Colleague Drama 101
I’ve spoken a lot lately about being liked vs. respected at work and I encourage you to choose the latter in your work environment since when you are well respected, people tend to also enjoy your company. But sometimes colleagues just don’t get along and personalities clash. I’ve even heard horror stories of unacceptable behavior that sounds like it belongs on an afternoon reality talk show instead of the professional workplace.
Since being uncivil is childish and unproductive, I suggest you have a sincere conversation with the egregious behaving colleague to address the issue before it really festers. I recently read a scenario in the Oprah magazine that was spot on so I hope you can add this to your professional toolbox.
Here is a script for you to consider when dealing with a difficult colleague:
“I need to share something with you – please listen without responding.

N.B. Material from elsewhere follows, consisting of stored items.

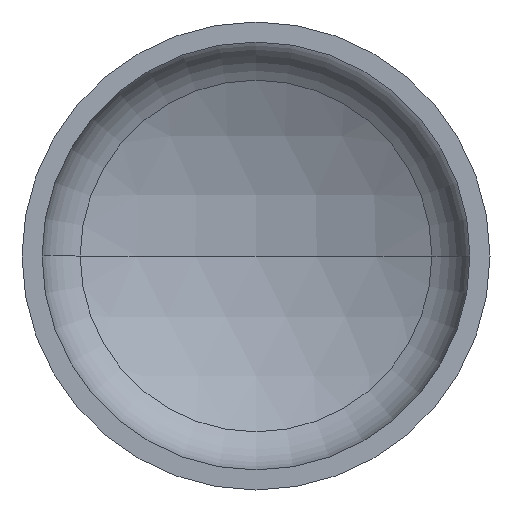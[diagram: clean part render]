
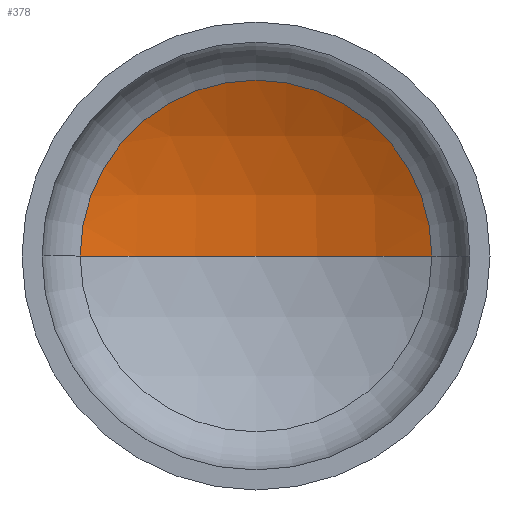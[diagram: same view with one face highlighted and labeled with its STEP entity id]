
A CAD part, front view. The second image highlights one B-rep face of the part: STEP entity #378.
In plain terms, the highlighted spherical face has radius 1120 mm.
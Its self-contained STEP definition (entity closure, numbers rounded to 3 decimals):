
#9 = EDGE_LOOP ( 'NONE', ( #47, #13, #36 ) ) ;
#13 = ORIENTED_EDGE ( 'NONE', *, *, #271, .T. ) ;
#20 = AXIS2_PLACEMENT_3D ( 'NONE', #169, #305, #408 ) ;
#24 = VERTEX_POINT ( 'NONE', #364 ) ;
#33 = DIRECTION ( 'NONE',  ( 1., 0., 0. ) ) ;
#36 = ORIENTED_EDGE ( 'NONE', *, *, #269, .T. ) ;
#41 = DIRECTION ( 'NONE',  ( 0., 0., 1. ) ) ;
#47 = ORIENTED_EDGE ( 'NONE', *, *, #274, .F. ) ;
#63 = VERTEX_POINT ( 'NONE', #241 ) ;
#111 = CIRCLE ( 'NONE', #128, 1120. ) ;
#128 = AXIS2_PLACEMENT_3D ( 'NONE', #159, #41, #33 ) ;
#132 = SPHERICAL_SURFACE ( 'NONE', #20, 1120. ) ;
#134 = AXIS2_PLACEMENT_3D ( 'NONE', #226, #225, #223 ) ;
#154 = AXIS2_PLACEMENT_3D ( 'NONE', #246, #245, #275 ) ;
#159 = CARTESIAN_POINT ( 'NONE',  ( 0., -678.999, 0. ) ) ;
#169 = CARTESIAN_POINT ( 'NONE',  ( 0., -678.999, 0. ) ) ;
#223 = DIRECTION ( 'NONE',  ( -1., 0., 0. ) ) ;
#225 = DIRECTION ( 'NONE',  ( 0., 0., -1. ) ) ;
#226 = CARTESIAN_POINT ( 'NONE',  ( 0., -678.999, 0. ) ) ;
#241 = CARTESIAN_POINT ( 'NONE',  ( 0., 441.001, 0. ) ) ;
#245 = DIRECTION ( 'NONE',  ( 0., -1., 0. ) ) ;
#246 = CARTESIAN_POINT ( 'NONE',  ( 0., 309.818, 0. ) ) ;
#250 = FACE_OUTER_BOUND ( 'NONE', #9, .T. ) ;
#269 = EDGE_CURVE ( 'NONE', #369, #24, #273, .T. ) ;
#271 = EDGE_CURVE ( 'NONE', #63, #369, #392, .T. ) ;
#273 = CIRCLE ( 'NONE', #154, 525.967 ) ;
#274 = EDGE_CURVE ( 'NONE', #63, #24, #111, .T. ) ;
#275 = DIRECTION ( 'NONE',  ( 1., 0., 0. ) ) ;
#305 = DIRECTION ( 'NONE',  ( 0., 0., -1. ) ) ;
#338 = CARTESIAN_POINT ( 'NONE',  ( 525.967, 309.818, 0. ) ) ;
#364 = CARTESIAN_POINT ( 'NONE',  ( -525.967, 309.818, 0. ) ) ;
#369 = VERTEX_POINT ( 'NONE', #338 ) ;
#378 = ADVANCED_FACE ( 'NONE', ( #250 ), #132, .F. ) ;
#392 = CIRCLE ( 'NONE', #134, 1120. ) ;
#408 = DIRECTION ( 'NONE',  ( -1., 0., 0. ) ) ;
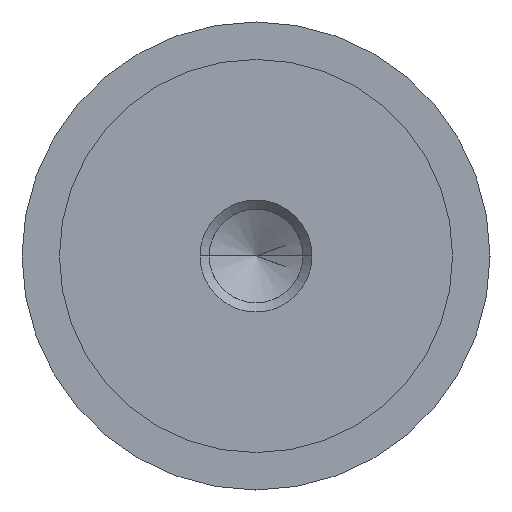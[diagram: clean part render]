
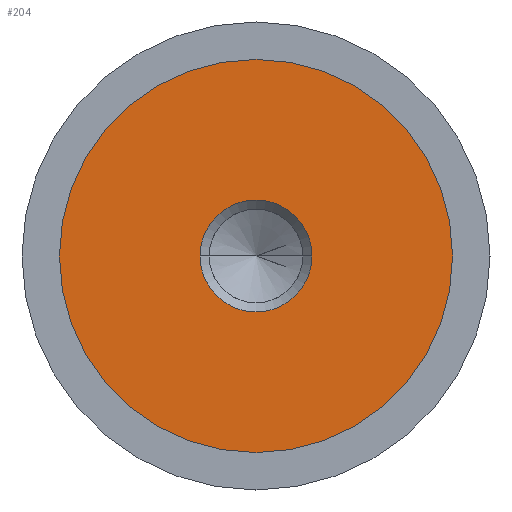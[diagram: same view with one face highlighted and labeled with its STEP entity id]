
A CAD part, left-side view. The second image highlights one B-rep face of the part: STEP entity #204.
In plain terms, the highlighted planar face has unit normal (-1, 0, 0).
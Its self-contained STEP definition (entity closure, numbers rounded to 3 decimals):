
#7 = AXIS2_PLACEMENT_3D ( 'NONE', #415, #775, #600 ) ;
#48 = EDGE_CURVE ( 'NONE', #742, #564, #203, .T. ) ;
#51 = AXIS2_PLACEMENT_3D ( 'NONE', #132, #202, #616 ) ;
#52 = CIRCLE ( 'NONE', #239, 2.99 ) ;
#96 = DIRECTION ( 'NONE',  ( -1., 0., 0. ) ) ;
#132 = CARTESIAN_POINT ( 'NONE',  ( -7.49, 10.5, 0. ) ) ;
#151 = DIRECTION ( 'NONE',  ( 0., 0., 1. ) ) ;
#153 = DIRECTION ( 'NONE',  ( 0., 0., -1. ) ) ;
#169 = EDGE_LOOP ( 'NONE', ( #339, #526 ) ) ;
#195 = FACE_BOUND ( 'NONE', #377, .T. ) ;
#202 = DIRECTION ( 'NONE',  ( 1., 0., 0. ) ) ;
#203 = CIRCLE ( 'NONE', #488, 10.5 ) ;
#204 = ADVANCED_FACE ( 'NONE', ( #195, #442 ), #680, .F. ) ;
#239 = AXIS2_PLACEMENT_3D ( 'NONE', #651, #704, #153 ) ;
#247 = ORIENTED_EDGE ( 'NONE', *, *, #444, .T. ) ;
#256 = CARTESIAN_POINT ( 'NONE',  ( -7.49, 0., -10.5 ) ) ;
#260 = VERTEX_POINT ( 'NONE', #627 ) ;
#339 = ORIENTED_EDGE ( 'NONE', *, *, #730, .T. ) ;
#377 = EDGE_LOOP ( 'NONE', ( #706, #247 ) ) ;
#415 = CARTESIAN_POINT ( 'NONE',  ( -7.49, 0., 0. ) ) ;
#426 = CARTESIAN_POINT ( 'NONE',  ( -7.49, -2.99, 0. ) ) ;
#442 = FACE_OUTER_BOUND ( 'NONE', #169, .T. ) ;
#444 = EDGE_CURVE ( 'NONE', #260, #466, #671, .T. ) ;
#466 = VERTEX_POINT ( 'NONE', #426 ) ;
#488 = AXIS2_PLACEMENT_3D ( 'NONE', #515, #96, #151 ) ;
#515 = CARTESIAN_POINT ( 'NONE',  ( -7.49, 0., 0. ) ) ;
#526 = ORIENTED_EDGE ( 'NONE', *, *, #48, .T. ) ;
#543 = CARTESIAN_POINT ( 'NONE',  ( -7.49, 0., 10.5 ) ) ;
#564 = VERTEX_POINT ( 'NONE', #543 ) ;
#579 = CARTESIAN_POINT ( 'NONE',  ( -7.49, 0., 0. ) ) ;
#587 = DIRECTION ( 'NONE',  ( 0., 0., 1. ) ) ;
#600 = DIRECTION ( 'NONE',  ( 0., 0., -1. ) ) ;
#616 = DIRECTION ( 'NONE',  ( 0., 0., -1. ) ) ;
#623 = AXIS2_PLACEMENT_3D ( 'NONE', #579, #647, #587 ) ;
#627 = CARTESIAN_POINT ( 'NONE',  ( -7.49, 2.99, 0. ) ) ;
#647 = DIRECTION ( 'NONE',  ( -1., 0., 0. ) ) ;
#651 = CARTESIAN_POINT ( 'NONE',  ( -7.49, 0., 0. ) ) ;
#671 = CIRCLE ( 'NONE', #7, 2.99 ) ;
#677 = EDGE_CURVE ( 'NONE', #466, #260, #52, .T. ) ;
#680 = PLANE ( 'NONE',  #51 ) ;
#704 = DIRECTION ( 'NONE',  ( 1., 0., 0. ) ) ;
#706 = ORIENTED_EDGE ( 'NONE', *, *, #677, .T. ) ;
#730 = EDGE_CURVE ( 'NONE', #564, #742, #759, .T. ) ;
#742 = VERTEX_POINT ( 'NONE', #256 ) ;
#759 = CIRCLE ( 'NONE', #623, 10.5 ) ;
#775 = DIRECTION ( 'NONE',  ( 1., 0., 0. ) ) ;

I know you have said ugly things about me; I did my homework before deciding to have this conversation with you. I want you to know that your behavior is not OK with me. Please don’t say you hope we’ll find a way to remain close – you know that is not a realistic option here. While we are not friends, we are also not enemies. Let’s agree to move on, and we won’t have a problem.”
It’s all about teaching people how to treat you and setting up professional boundaries. When you are faced with difficult scenarios at work you must manage these tough working relationships. Seek the wisdom of a trusted mentor or confidante and strategize about ways to diffuse a difficult colleague so they don’t have any control over you. Power is not given, it’s taken and don’t ever let a toxic colleague steal your power.